◆ Task goal
Your answer should consist of each line from the data below that contains "drawing".

== Data to use ==

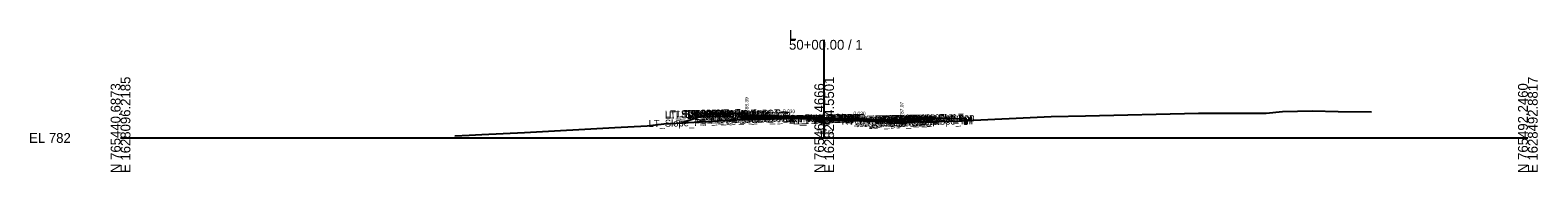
# Model space of a CAD drawing. Extents: x -26 to 4403, y -510 to 9556.
# Drawn here: x 3974.3 to 4402.8, y -9.7 to 30.8 of the extents above; entities that cross this region are included whole.
import ezdxf

# ---------------------------------------------------------------- set-up
doc = ezdxf.new("R2010")
doc.units = 0
for name, color, linetype in [('Default', 7, 'Continuous'), ('Exist CMT Pavement', 7, 'Continuous'), ('Exist Cross Section Cell', 7, 'Continuous'), ('Exist XS Center Line Elevation Label', 7, 'Continuous'), ('Exist XS Ground Line', 7, 'Continuous'), ('Prop CMT Conc Surface', 7, 'Continuous'), ('Prop CMT Concrete Structures', 7, 'Continuous'), ('Prop CMT Pvmt Course 1', 7, 'Continuous'), ('Prop CMT Pvmt Course 1 CG', 7, 'Continuous'), ('Prop CMT Pvmt Course 1 Wedge', 7, 'Continuous'), ('Prop CMT Pvmt Course 2', 7, 'Continuous'), ('Prop CMT Pvmt Course 2 Wedge', 7, 'Continuous'), ('Prop CMT Pvmt Course 3', 7, 'Continuous'), ('Prop CMT Pvmt Course 3 Wedge', 7, 'Continuous'), ('Prop CMT Pvmt Surface', 7, 'Continuous'), ('Prop CMT Pvmt Wedge Surface 1', 7, 'Continuous'), ('Prop CMT Pvmt Wedge Surface 2', 7, 'Continuous'), ('Prop CMT Pvmt Wedge Surface 3', 7, 'Continuous'), ('Prop CMT Slope Grass', 7, 'Continuous'), ('Prop CMT Subgrade Earthwork', 7, 'Continuous'), ('Prop XS Finish Grade CurbGutter', 7, 'Continuous'), ('Prop XS Hydro Elevations', 7, 'Continuous'), ('Prop XS SE Text', 7, 'Continuous'), ('Prop XS Side Slope Text', 7, 'Continuous'), ('Scratch_Level_0', 7, 'Continuous')]:
    doc.layers.add(name, color=color, linetype=linetype)

msp = doc.modelspace()

# ---------------------------------------------------------------- linework, layer by layer
at = {"layer": 'Exist CMT Pavement'}
for points in [[(4200, 5.61), (4197.25, 5.63), (4194.19, 5.66), (4184.86, 5.49), (4181.55, 5.41), (4179.98, 5.35)], [(4200, 5.61), (4206.34, 5.58), (4209.31, 5.46), (4218.55, 5.04), (4220.02, 5.08)]]:
    msp.add_lwpolyline(points, dxfattribs=at)
at = {"layer": 'Exist Cross Section Cell'}
for p, q in [((4200, 0), (4200, 27.97)), ((4000, 0), (4200, 0)), ((4200, 0), (4400, 0))]:
    msp.add_line(p, q, dxfattribs=at)
at = {"layer": 'Exist XS Ground Line'}
msp.add_lwpolyline([(4095.05, 0.63), (4099.11, 0.76), (4102.68, 0.94), (4114.85, 1.6), (4140.45, 2.95), (4149.7, 3.43), (4154.4, 3.99), (4175.13, 5.18), (4178.9, 5.32), (4179.44, 5.34), (4181.55, 5.41), (4184.86, 5.49), (4194.19, 5.66), (4197.25, 5.63), (4200, 5.61), (4206.34, 5.58), (4209.31, 5.46), (4218.55, 5.04), (4222.5, 5.06), (4223.01, 4.79), (4226.06, 4.69), (4226.56, 4.68), (4227.13, 4.68), (4231.56, 4.66), (4238.54, 4.9), (4264.54, 6.08), (4274.3, 6.29), (4306.43, 7.09), (4325.66, 7.08), (4330.27, 7.56), (4338.82, 7.76), (4346.1, 7.51), (4355.6, 7.42)], dxfattribs=at)
at = {"layer": 'Prop CMT Conc Surface'}
for points in [[(4173.46, 6.98), (4168.46, 7.08)], [(4177.96, 6.39), (4177.96, 6.89), (4177.46, 6.89)], [(4179.96, 6.41), (4177.96, 6.39)], [(4220.04, 5.21), (4222.04, 5.07)], [(4222.04, 5.07), (4222.04, 5.57), (4222.54, 5.57)], [(4226.54, 5.66), (4231.54, 5.76)]]:
    msp.add_lwpolyline(points, dxfattribs=at)
at = {"layer": 'Prop CMT Concrete Structures'}
for points in [[(4168.46, 6.75), (4168.46, 7.08)], [(4168.46, 7.08), (4173.46, 6.98)], [(4173.46, 6.64), (4168.46, 6.75)], [(4173.46, 6.98), (4173.46, 6.64)], [(4179.96, 6.41), (4177.96, 6.39), (4177.96, 6.89), (4177.46, 6.89)], [(4177.46, 6.89), (4177.46, 5.9), (4179.96, 5.83)], [(4179.96, 5.83), (4179.96, 6.41)], [(4220.04, 5.21), (4222.04, 5.07), (4222.04, 5.57), (4222.54, 5.57)], [(4222.54, 5.57), (4222.54, 4.55), (4220.04, 4.62)], [(4220.04, 4.62), (4220.04, 5.21)], [(4231.54, 5.76), (4226.54, 5.66)], [(4226.54, 5.66), (4226.54, 5.32)], [(4226.54, 5.32), (4231.54, 5.42)], [(4231.54, 5.42), (4231.54, 5.76)]]:
    msp.add_lwpolyline(points, dxfattribs=at)
at = {"layer": 'Prop CMT Pvmt Course 1'}
for points in [[(4200, 5.81), (4179.96, 6.41)], [(4179.96, 6.41), (4179.96, 6.16), (4179.96, 6.16), (4179.96, 6.28)], [(4179.96, 6.28), (4200, 5.68)], [(4200, 5.81), (4220.04, 5.21)], [(4200, 5.56), (4200, 5.81)], [(4200, 5.56), (4200, 5.81)], [(4220.04, 5.08), (4200, 5.68)], [(4200, 5.68), (4200, 5.56), (4200, 5.56)], [(4200, 5.68), (4200, 5.56), (4200, 5.56)], [(4220.04, 5.21), (4220.04, 4.96), (4220.04, 4.96), (4220.04, 5.08)]]:
    msp.add_lwpolyline(points, dxfattribs=at)
at = {"layer": 'Prop CMT Pvmt Course 1 CG'}
for points in [[(4179.96, 5.83), (4176.96, 5.91), (4176.64, 5.59)], [(4176.64, 5.59), (4179.96, 5.49)], [(4179.96, 5.49), (4179.96, 5.83)], [(4220.04, 4.62), (4223.04, 4.53), (4223.38, 4.19)], [(4220.04, 4.29), (4220.04, 4.62)], [(4223.38, 4.19), (4220.04, 4.29)]]:
    msp.add_lwpolyline(points, dxfattribs=at)
at = {"layer": 'Prop CMT Pvmt Course 1 Wedge'}
for points in [[(4179.96, 6.28), (4181.55, 6.24), (4184.86, 6.14), (4194.19, 5.86), (4197.25, 5.76), (4200, 5.68)], [(4179.96, 6.16), (4179.96, 6.28)], [(4200, 5.61), (4197.6, 5.63), (4197.25, 5.64), (4194.19, 5.73), (4184.86, 6.01), (4181.55, 6.11), (4179.96, 6.16)], [(4200, 5.68), (4200, 5.61)], [(4200, 5.68), (4202.82, 5.6)], [(4200, 5.61), (4200, 5.68)], [(4202.82, 5.6), (4200, 5.61)], [(4220, 5.08), (4218.55, 5.04), (4213.15, 5.29)], [(4213.15, 5.29), (4218.55, 5.13)], [(4218.55, 5.13), (4220, 5.08)]]:
    msp.add_lwpolyline(points, dxfattribs=at)
at = {"layer": 'Prop CMT Pvmt Course 2'}
for points in [[(4179.96, 5.83), (4179.96, 5.83), (4179.96, 6.16), (4179.96, 6.16)], [(4179.96, 6.16), (4179.96, 5.83)], [(4220.04, 4.62), (4220.04, 4.62), (4220.04, 4.96), (4220.04, 4.96)], [(4220.04, 4.96), (4220.04, 4.62)]]:
    msp.add_lwpolyline(points, dxfattribs=at)
at = {"layer": 'Prop CMT Pvmt Course 2 Wedge'}
for points in [[(4179.96, 6.16), (4181.55, 6.11), (4184.86, 6.01), (4194.19, 5.73), (4197.25, 5.64), (4197.6, 5.63)], [(4179.96, 5.82), (4179.96, 6.16)], [(4197.6, 5.63), (4197.25, 5.63), (4194.19, 5.66), (4188.75, 5.56), (4184.86, 5.68), (4181.55, 5.78), (4179.96, 5.82)]]:
    msp.add_lwpolyline(points, dxfattribs=at)
at = {"layer": 'Prop CMT Pvmt Course 3'}
for points in [[(4179.96, 5.83), (4179.96, 5.83), (4179.96, 5.49), (4179.96, 5.49)], [(4179.96, 5.49), (4179.96, 5.83)], [(4220.04, 4.62), (4220.04, 4.62), (4220.04, 4.29), (4220.04, 4.29)], [(4220.04, 4.29), (4220.04, 4.62)]]:
    msp.add_lwpolyline(points, dxfattribs=at)
at = {"layer": 'Prop CMT Pvmt Course 3 Wedge'}
for points in [[(4179.96, 5.83), (4181.55, 5.78), (4184.86, 5.68), (4188.76, 5.56)], [(4179.96, 5.35), (4179.96, 5.83)], [(4188.76, 5.56), (4184.86, 5.49), (4181.55, 5.41), (4179.96, 5.35)]]:
    msp.add_lwpolyline(points, dxfattribs=at)
at = {"layer": 'Prop CMT Pvmt Surface'}
for points in [[(4200, 5.81), (4179.96, 6.41)], [(4200, 5.81), (4220.04, 5.21)]]:
    msp.add_lwpolyline(points, dxfattribs=at)
at = {"layer": 'Prop CMT Pvmt Wedge Surface 1'}
for points in [[(4179.96, 6.16), (4179.96, 6.41)], [(4200, 5.68), (4179.96, 6.28)], [(4179.96, 6.28), (4179.96, 6.16), (4179.96, 6.16)], [(4200, 5.68), (4220.04, 5.08)], [(4220.04, 4.96), (4220.04, 5.21)], [(4220.04, 5.08), (4220.04, 4.96), (4220.04, 4.96)]]:
    msp.add_lwpolyline(points, dxfattribs=at)
at = {"layer": 'Prop CMT Pvmt Wedge Surface 2'}
for points in [[(4179.96, 6.16), (4179.96, 6.41)], [(4200, 5.56), (4179.96, 6.16)], [(4200, 5.56), (4220.04, 4.96)], [(4220.04, 4.96), (4220.04, 5.21)]]:
    msp.add_lwpolyline(points, dxfattribs=at)
at = {"layer": 'Prop CMT Pvmt Wedge Surface 3'}
for points in [[(4179.96, 5.83), (4179.96, 6.41)], [(4200, 5.22), (4179.96, 5.83)], [(4200, 5.22), (4220.04, 4.62)], [(4220.04, 4.62), (4220.04, 5.21)]]:
    msp.add_lwpolyline(points, dxfattribs=at)
at = {"layer": 'Prop CMT Slope Grass'}
for p, q in [((4222.54, 5.57), (4232.05, 5.76)), ((4232.05, 5.76), (4239.88, 5.49))]:
    msp.add_line(p, q, dxfattribs=at)
for points in [[(4177.46, 6.89), (4167.95, 7.08), (4159.58, 4.29)], [(4239.88, 5.49), (4239.88, 4), (4240.54, 4), (4240.54, 4.99)]]:
    msp.add_lwpolyline(points, dxfattribs=at)
at = {"layer": 'Prop CMT Subgrade Earthwork'}
for points in [[(4179.96, 5.49), (4176.64, 5.59), (4175.3, 6.93)], [(4179.96, 5.49), (4179.96, 5.49)], [(4179.96, 5.49), (4179.98, 5.35)], [(4220.04, 4.29), (4220.02, 5.08)], [(4220.04, 4.29), (4223.38, 4.19), (4224.8, 5.61)], [(4220.04, 4.29), (4220.04, 4.29)]]:
    msp.add_lwpolyline(points, dxfattribs=at)
at = {"layer": 'Prop XS Finish Grade CurbGutter'}
for p, q in [((4239.88, 5.49), (4240.07, 5.49)), ((4239.88, 5.49), (4240.54, 5.49)), ((4239.88, 5.49), (4239.88, 4.5)), ((4239.88, 4.5), (4239.88, 4)), ((4239.88, 4.5), (4240.54, 4.5)), ((4240.54, 5.08), (4240.19, 5.44)), ((4240.54, 5.08), (4240.54, 4.5)), ((4240.54, 4.99), (4240.54, 4.99)), ((4240.54, 4.5), (4240.54, 4)), ((4239.88, 4), (4240.54, 4))]:
    msp.add_line(p, q, dxfattribs=at)
msp.add_arc((4240.07, 5.33), 0.166, 43.9997, 90, dxfattribs=at)

# ---------------------------------------------------------------- texts
at = {"layer": 'Default'}
msp.add_text('-', height=0.0001, dxfattribs=at).set_placement((4000, 0))
at = {"layer": 'Exist Cross Section Cell'}
for s, p in [('L', (4190, 27.97)), ('50+00.00 / 1', (4190, 25.17)), ('EL 782', (3974, -1.4))]:
    msp.add_text(s, height=2.8, dxfattribs=at).set_placement(p)
for s, p in [('E 1628096.2185', (4002.8, -10)), ('E 1628294.5501', (4202.8, -10)), ('E 1628492.8817', (4402.8, -10)), ('N 765440.6873', (4000, -10)), ('N 765466.4666', (4200, -10)), ('N 765492.2460', (4400, -10))]:
    msp.add_text(s, height=2.8, rotation=90, dxfattribs=at).set_placement(p)
at = {"layer": 'Exist XS Center Line Elevation Label'}
msp.add_text('787.61', height=1.2, dxfattribs=at).set_placement((4197.79, 1.01))
at = {"layer": 'Prop XS Hydro Elevations'}
for s, p in [('788.39', (4178.46, 7.39)), ('787.07', (4222.54, 6.07))]:
    msp.add_text(s, height=1, rotation=90, dxfattribs=at).set_placement(p)
at = {"layer": 'Prop XS SE Text'}
for rotation, p in [(358.282, (4188.26, 7.16)), (358.2821, (4208.3, 6.56))]:
    msp.add_text('0.030', height=1, rotation=rotation, dxfattribs=at).set_placement(p)
at = {"layer": 'Prop XS Side Slope Text'}
for s, rotation, p in [('3:1', 18.4372, (4162.78, 6.14)), ('VAR.', 358.0831, (4234.7, 5.8))]:
    msp.add_text(s, height=1, rotation=rotation, dxfattribs=at).set_placement(p)
at = {"layer": 'Scratch_Level_0'}
for s, p in [('LT_Slope_Fill', (4150.12, 3.1)), ('LT_SDWK_Out_Top', (4154.72, 5.8)), ('LT_SDWK_Out_Bot', (4154.75, 5.47)), ('LT_Sub_Trench_Out_DLT', (4155.89, 5.54)), ('LT_CSLP_Pnt', (4158.15, 5.88)), ('50+00.00', (4160.45, 5.74)), ('LT_SDWK_In_Top', (4161.34, 5.74)), ('LT_SDWK_In_Bot', (4161.37, 5.4)), ('50+00.00', (4162.09, 5.93)), ('LT_CG1_Shelf_Out', (4163.54, 4.65)), ('LT_PV_Sub_Tie_Out', (4164.94, 4.05)), ('LT_CG_Top_Face', (4165.24, 5.63)), ('LT_CG_Top_BOC', (4165.77, 5.65)), ('LT_CG_Bot_BOC', (4165.8, 4.67)), ('LT_CG_Top_Gut', (4166.22, 5.15)), ('LT_Sub_OEOP', (4166.77, 4.39)), ('LT_PV_OEEOP_EG', (4167.53, 4.11)), ('50+00.00', (4167.69, 5.81)), ('50+00.00', (4169.22, 5.78)), ('LT_Sub_OEEOP', (4169.2, 4.28)), ('LT_PV2_OEEOP', (4169.29, 4.94)), ('LT_PV3_OEEOP', (4169.29, 4.61)), ('LT_PV1_OEEOP', (4169.86, 5.08)), ('LT_CG_Bot_IE', (4169.9, 4.62)), ('LT_Sub_OEOT', (4170.06, 4.29)), ('LT_PV2_OEOT', (4170.16, 4.96)), ('LT_PV3_OEOT', (4170.16, 4.63)), ('LT_PV1_OEOT', (4170.72, 5.22)), ('50+00.00', (4170.97, 5.75)), ('50+00.00', (4171.07, 5.34)), ('50+00.00', (4171.46, 5.25)), ('RT_PV_IEEOP_EG', (4188.16, 4.38)), ('LT_PV_IEEOP_EG', (4188.21, 4.38)), ('RT_PV2_IEEOP', (4189.93, 4.36)), ('RT_PV3_IEEOP', (4189.93, 4.02)), ('LT_PV2_IEEOP', (4189.97, 4.36)), ('LT_PV3_IEEOP', (4189.97, 4.02)), ('RT_PV1_IEEOP', (4190.49, 4.49)), ('LT_PV1_IEEOP', (4190.54, 4.49)), ('PV2_PGL', (4193.93, 4.44)), ('PV1_PGL', (4194.49, 4.7)), ('RT_PV_Sub_Tie_Out', (4204.94, 3.78)), ('RT_Sub_Trench_Out_DLT', (4205.35, 4.22)), ('RT_PV_OEEOP_EG', (4207.56, 3.83)), ('RT_Sub_OEEOP', (4209.23, 3.07)), ('RT_CG_Top_Face', (4209.27, 4.31)), ('RT_PV2_OEEOP', (4209.32, 3.74)), ('RT_PV3_OEEOP', (4209.32, 3.41)), ('RT_CG1_Shelf_Out', (4209.56, 3.26)), ('RT_PV1_OEEOP', (4209.89, 3.88)), ('RT_CG_Bot_IE', (4209.93, 3.42)), ('RT_Sub_OEOT', (4210.09, 3.09)), ('RT_PV2_OEOT', (4210.19, 3.76)), ('RT_PV3_OEOT', (4210.19, 3.43)), ('RT_CG_Top_Gut', (4210.25, 3.83)), ('RT_PV1_OEOT', (4210.75, 4.02)), ('RT_CG_Top_BOC', (4210.8, 4.33)), ('RT_CG_Bot_BOC', (4210.83, 3.31)), ('RT_Sub_OEOP', (4213.47, 2.99)), ('50+00.00', (4214.34, 3.98)), ('RT_SDWK_In_Top', (4214.38, 4.41)), ('RT_SDWK_In_Bot', (4214.41, 4.08)), ('50+00.00', (4215.52, 4.43)), ('RT_SDWK_Out_Top', (4217.76, 4.48)), ('RT_SDWK_Out_Bot', (4217.79, 4.15)), ('50+00.00', (4219.09, 4.5)), ('50+00.00', (4220.67, 4.54)), ('RT_CSLP_Pnt', (4222.2, 4.56)), ('RT_Slope_Fill', (4225.48, 3.59))]:
    msp.add_text(s, height=2, rotation=1.1458, dxfattribs=at).set_placement(p)

doc.saveas('drawing.dxf')

===

◆ Response area
# Model space of a CAD drawing. Extents: x -26 to 4403, y -510 to 9556.
doc.saveas('drawing.dxf')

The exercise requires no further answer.